All records are to be reproduced verbatim, with images omitted.

=== Begin Enclosure ===

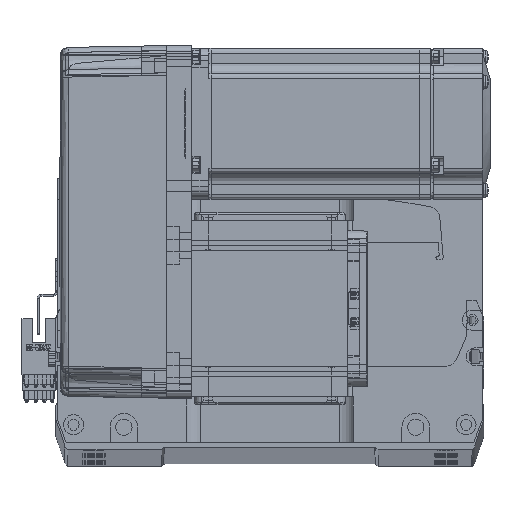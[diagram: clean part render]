
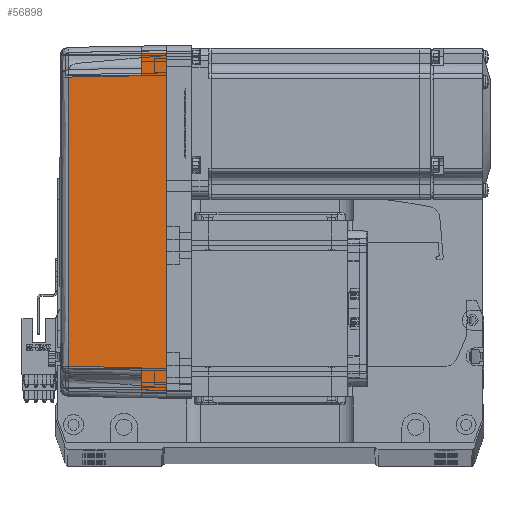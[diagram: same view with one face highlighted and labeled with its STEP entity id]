
A CAD part, top view. The second image highlights one B-rep face of the part: STEP entity #56898.
In plain terms, the highlighted planar face has unit normal (-0.018, 0, 1) as drawn and (0, 1, 0.017) by its records, which use the part's own axes.
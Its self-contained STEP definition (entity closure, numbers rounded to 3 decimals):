
#592 = ORIENTED_EDGE ( 'NONE', *, *, #41435, .T. ) ;
#2718 = LINE ( 'NONE', #14937, #16195 ) ;
#2871 = VECTOR ( 'NONE', #9933, 1000. ) ;
#4356 = DIRECTION ( 'NONE',  ( 0.017, -0.017, 1. ) ) ;
#5221 = LINE ( 'NONE', #65727, #68628 ) ;
#5563 = LINE ( 'NONE', #32943, #2871 ) ;
#9183 = VERTEX_POINT ( 'NONE', #48207 ) ;
#9933 = DIRECTION ( 'NONE',  ( 1., 0., 0. ) ) ;
#10733 = CARTESIAN_POINT ( 'NONE',  ( 57.495, 35.32, 38.985 ) ) ;
#10743 = LINE ( 'NONE', #62945, #30384 ) ;
#11366 = CARTESIAN_POINT ( 'NONE',  ( 66.826, 35.825, 10. ) ) ;
#11815 = EDGE_CURVE ( 'NONE', #45646, #60644, #5563, .T. ) ;
#12307 = LINE ( 'NONE', #25822, #64092 ) ;
#13074 = VERTEX_POINT ( 'NONE', #56699 ) ;
#13995 = DIRECTION ( 'NONE',  ( -0.017, -0.017, 1. ) ) ;
#14267 = VECTOR ( 'NONE', #30931, 1000. ) ;
#14346 = DIRECTION ( 'NONE',  ( 1., 0., 0. ) ) ;
#14937 = CARTESIAN_POINT ( 'NONE',  ( -67., 36., 0. ) ) ;
#16195 = VECTOR ( 'NONE', #4356, 1000. ) ;
#18684 = CARTESIAN_POINT ( 'NONE',  ( -57.495, 35.32, 38.985 ) ) ;
#21286 = CARTESIAN_POINT ( 'NONE',  ( -57.495, 35.32, 38.985 ) ) ;
#21446 = DIRECTION ( 'NONE',  ( 0.017, 0.017, -1. ) ) ;
#23642 = ORIENTED_EDGE ( 'NONE', *, *, #11815, .F. ) ;
#23711 = VERTEX_POINT ( 'NONE', #21286 ) ;
#24342 = LINE ( 'NONE', #50015, #57473 ) ;
#25822 = CARTESIAN_POINT ( 'NONE',  ( 67.001, 36.001, -0.052 ) ) ;
#30384 = VECTOR ( 'NONE', #52247, 1000. ) ;
#30888 = CARTESIAN_POINT ( 'NONE',  ( 57.495, 35.32, 38.985 ) ) ;
#30931 = DIRECTION ( 'NONE',  ( 1., 0., 0. ) ) ;
#31760 = CARTESIAN_POINT ( 'NONE',  ( 58., 35.825, 10. ) ) ;
#32943 = CARTESIAN_POINT ( 'NONE',  ( 0., 36., 0. ) ) ;
#33437 = ORIENTED_EDGE ( 'NONE', *, *, #34489, .T. ) ;
#34035 = EDGE_CURVE ( 'NONE', #60644, #69554, #12307, .T. ) ;
#34489 = EDGE_CURVE ( 'NONE', #23711, #54343, #48169, .T. ) ;
#35051 = ORIENTED_EDGE ( 'NONE', *, *, #47809, .T. ) ;
#38332 = PLANE ( 'NONE',  #50325 ) ;
#38577 = CARTESIAN_POINT ( 'NONE',  ( 70., 36., 0. ) ) ;
#41435 = EDGE_CURVE ( 'NONE', #55706, #69554, #5221, .T. ) ;
#43075 = ORIENTED_EDGE ( 'NONE', *, *, #72849, .T. ) ;
#45646 = VERTEX_POINT ( 'NONE', #57822 ) ;
#46494 = EDGE_CURVE ( 'NONE', #45646, #13074, #2718, .T. ) ;
#47809 = EDGE_CURVE ( 'NONE', #13074, #9183, #58881, .T. ) ;
#48169 = B_SPLINE_CURVE_WITH_KNOTS ( 'NONE', 3,
 ( #18684, #70322, #65065, #30888 ),
 .UNSPECIFIED., .F., .F.,
 ( 4, 4 ),
 ( 0., 1. ),
 .UNSPECIFIED. ) ;
#48207 = CARTESIAN_POINT ( 'NONE',  ( -58., 35.825, 10. ) ) ;
#49033 = ORIENTED_EDGE ( 'NONE', *, *, #58544, .T. ) ;
#50015 = CARTESIAN_POINT ( 'NONE',  ( 57.495, 35.32, 38.985 ) ) ;
#50325 = AXIS2_PLACEMENT_3D ( 'NONE', #38577, #72771, #55302 ) ;
#50421 = CARTESIAN_POINT ( 'NONE',  ( 67., 36., 0. ) ) ;
#52247 = DIRECTION ( 'NONE',  ( 0.017, -0.017, 1. ) ) ;
#53966 = ORIENTED_EDGE ( 'NONE', *, *, #46494, .T. ) ;
#54343 = VERTEX_POINT ( 'NONE', #10733 ) ;
#55302 = DIRECTION ( 'NONE',  ( 0., -0.017, 1. ) ) ;
#55706 = VERTEX_POINT ( 'NONE', #31760 ) ;
#56699 = CARTESIAN_POINT ( 'NONE',  ( -66.826, 35.825, 10. ) ) ;
#56898 = ADVANCED_FACE ( 'NONE', ( #61014 ), #38332, .T. ) ;
#57473 = VECTOR ( 'NONE', #21446, 1000. ) ;
#57822 = CARTESIAN_POINT ( 'NONE',  ( -67., 36., 0. ) ) ;
#58544 = EDGE_CURVE ( 'NONE', #9183, #23711, #10743, .T. ) ;
#58881 = LINE ( 'NONE', #64858, #14267 ) ;
#60644 = VERTEX_POINT ( 'NONE', #50421 ) ;
#61014 = FACE_OUTER_BOUND ( 'NONE', #64177, .T. ) ;
#62945 = CARTESIAN_POINT ( 'NONE',  ( -58., 35.825, 10. ) ) ;
#64092 = VECTOR ( 'NONE', #13995, 1000. ) ;
#64177 = EDGE_LOOP ( 'NONE', ( #53966, #35051, #49033, #33437, #43075, #592, #64569, #23642 ) ) ;
#64569 = ORIENTED_EDGE ( 'NONE', *, *, #34035, .F. ) ;
#64858 = CARTESIAN_POINT ( 'NONE',  ( 70., 35.825, 10. ) ) ;
#65065 = CARTESIAN_POINT ( 'NONE',  ( 19.165, 35.316, 39.181 ) ) ;
#65727 = CARTESIAN_POINT ( 'NONE',  ( 70., 35.825, 10. ) ) ;
#68628 = VECTOR ( 'NONE', #14346, 1000. ) ;
#69554 = VERTEX_POINT ( 'NONE', #11366 ) ;
#70322 = CARTESIAN_POINT ( 'NONE',  ( -19.165, 35.316, 39.181 ) ) ;
#72771 = DIRECTION ( 'NONE',  ( 0., 1., 0.017 ) ) ;
#72849 = EDGE_CURVE ( 'NONE', #54343, #55706, #24342, .T. ) ;

=== End Enclosure ===

■ Expected answer ■
[diagram: clean part render]
[diagram: same view with one face highlighted and labeled with its STEP entity id]
A CAD part, top view. The second image highlights one B-rep face of the part: STEP entity #56898.
In plain terms, the highlighted planar face has unit normal (-0.018, 0, 1) as drawn and (0, 1, 0.017) by its records, which use the part's own axes.
Its self-contained STEP definition (entity closure, numbers rounded to 3 decimals):
#592 = ORIENTED_EDGE ( 'NONE', *, *, #41435, .T. ) ;
#2718 = LINE ( 'NONE', #14937, #16195 ) ;
#2871 = VECTOR ( 'NONE', #9933, 1000. ) ;
#4356 = DIRECTION ( 'NONE',  ( 0.017, -0.017, 1. ) ) ;
#5221 = LINE ( 'NONE', #65727, #68628 ) ;
#5563 = LINE ( 'NONE', #32943, #2871 ) ;
#9183 = VERTEX_POINT ( 'NONE', #48207 ) ;
#9933 = DIRECTION ( 'NONE',  ( 1., 0., 0. ) ) ;
#10733 = CARTESIAN_POINT ( 'NONE',  ( 57.495, 35.32, 38.985 ) ) ;
#10743 = LINE ( 'NONE', #62945, #30384 ) ;
#11366 = CARTESIAN_POINT ( 'NONE',  ( 66.826, 35.825, 10. ) ) ;
#11815 = EDGE_CURVE ( 'NONE', #45646, #60644, #5563, .T. ) ;
#12307 = LINE ( 'NONE', #25822, #64092 ) ;
#13074 = VERTEX_POINT ( 'NONE', #56699 ) ;
#13995 = DIRECTION ( 'NONE',  ( -0.017, -0.017, 1. ) ) ;
#14267 = VECTOR ( 'NONE', #30931, 1000. ) ;
#14346 = DIRECTION ( 'NONE',  ( 1., 0., 0. ) ) ;
#14937 = CARTESIAN_POINT ( 'NONE',  ( -67., 36., 0. ) ) ;
#16195 = VECTOR ( 'NONE', #4356, 1000. ) ;
#18684 = CARTESIAN_POINT ( 'NONE',  ( -57.495, 35.32, 38.985 ) ) ;
#21286 = CARTESIAN_POINT ( 'NONE',  ( -57.495, 35.32, 38.985 ) ) ;
#21446 = DIRECTION ( 'NONE',  ( 0.017, 0.017, -1. ) ) ;
#23642 = ORIENTED_EDGE ( 'NONE', *, *, #11815, .F. ) ;
#23711 = VERTEX_POINT ( 'NONE', #21286 ) ;
#24342 = LINE ( 'NONE', #50015, #57473 ) ;
#25822 = CARTESIAN_POINT ( 'NONE',  ( 67.001, 36.001, -0.052 ) ) ;
#30384 = VECTOR ( 'NONE', #52247, 1000. ) ;
#30888 = CARTESIAN_POINT ( 'NONE',  ( 57.495, 35.32, 38.985 ) ) ;
#30931 = DIRECTION ( 'NONE',  ( 1., 0., 0. ) ) ;
#31760 = CARTESIAN_POINT ( 'NONE',  ( 58., 35.825, 10. ) ) ;
#32943 = CARTESIAN_POINT ( 'NONE',  ( 0., 36., 0. ) ) ;
#33437 = ORIENTED_EDGE ( 'NONE', *, *, #34489, .T. ) ;
#34035 = EDGE_CURVE ( 'NONE', #60644, #69554, #12307, .T. ) ;
#34489 = EDGE_CURVE ( 'NONE', #23711, #54343, #48169, .T. ) ;
#35051 = ORIENTED_EDGE ( 'NONE', *, *, #47809, .T. ) ;
#38332 = PLANE ( 'NONE',  #50325 ) ;
#38577 = CARTESIAN_POINT ( 'NONE',  ( 70., 36., 0. ) ) ;
#41435 = EDGE_CURVE ( 'NONE', #55706, #69554, #5221, .T. ) ;
#43075 = ORIENTED_EDGE ( 'NONE', *, *, #72849, .T. ) ;
#45646 = VERTEX_POINT ( 'NONE', #57822 ) ;
#46494 = EDGE_CURVE ( 'NONE', #45646, #13074, #2718, .T. ) ;
#47809 = EDGE_CURVE ( 'NONE', #13074, #9183, #58881, .T. ) ;
#48169 = B_SPLINE_CURVE_WITH_KNOTS ( 'NONE', 3,
 ( #18684, #70322, #65065, #30888 ),
 .UNSPECIFIED., .F., .F.,
 ( 4, 4 ),
 ( 0., 1. ),
 .UNSPECIFIED. ) ;
#48207 = CARTESIAN_POINT ( 'NONE',  ( -58., 35.825, 10. ) ) ;
#49033 = ORIENTED_EDGE ( 'NONE', *, *, #58544, .T. ) ;
#50015 = CARTESIAN_POINT ( 'NONE',  ( 57.495, 35.32, 38.985 ) ) ;
#50325 = AXIS2_PLACEMENT_3D ( 'NONE', #38577, #72771, #55302 ) ;
#50421 = CARTESIAN_POINT ( 'NONE',  ( 67., 36., 0. ) ) ;
#52247 = DIRECTION ( 'NONE',  ( 0.017, -0.017, 1. ) ) ;
#53966 = ORIENTED_EDGE ( 'NONE', *, *, #46494, .T. ) ;
#54343 = VERTEX_POINT ( 'NONE', #10733 ) ;
#55302 = DIRECTION ( 'NONE',  ( 0., -0.017, 1. ) ) ;
#55706 = VERTEX_POINT ( 'NONE', #31760 ) ;
#56699 = CARTESIAN_POINT ( 'NONE',  ( -66.826, 35.825, 10. ) ) ;
#56898 = ADVANCED_FACE ( 'NONE', ( #61014 ), #38332, .T. ) ;
#57473 = VECTOR ( 'NONE', #21446, 1000. ) ;
#57822 = CARTESIAN_POINT ( 'NONE',  ( -67., 36., 0. ) ) ;
#58544 = EDGE_CURVE ( 'NONE', #9183, #23711, #10743, .T. ) ;
#58881 = LINE ( 'NONE', #64858, #14267 ) ;
#60644 = VERTEX_POINT ( 'NONE', #50421 ) ;
#61014 = FACE_OUTER_BOUND ( 'NONE', #64177, .T. ) ;
#62945 = CARTESIAN_POINT ( 'NONE',  ( -58., 35.825, 10. ) ) ;
#64092 = VECTOR ( 'NONE', #13995, 1000. ) ;
#64177 = EDGE_LOOP ( 'NONE', ( #53966, #35051, #49033, #33437, #43075, #592, #64569, #23642 ) ) ;
#64569 = ORIENTED_EDGE ( 'NONE', *, *, #34035, .F. ) ;
#64858 = CARTESIAN_POINT ( 'NONE',  ( 70., 35.825, 10. ) ) ;
#65065 = CARTESIAN_POINT ( 'NONE',  ( 19.165, 35.316, 39.181 ) ) ;
#65727 = CARTESIAN_POINT ( 'NONE',  ( 70., 35.825, 10. ) ) ;
#68628 = VECTOR ( 'NONE', #14346, 1000. ) ;
#69554 = VERTEX_POINT ( 'NONE', #11366 ) ;
#70322 = CARTESIAN_POINT ( 'NONE',  ( -19.165, 35.316, 39.181 ) ) ;
#72771 = DIRECTION ( 'NONE',  ( 0., 1., 0.017 ) ) ;
#72849 = EDGE_CURVE ( 'NONE', #54343, #55706, #24342, .T. ) ;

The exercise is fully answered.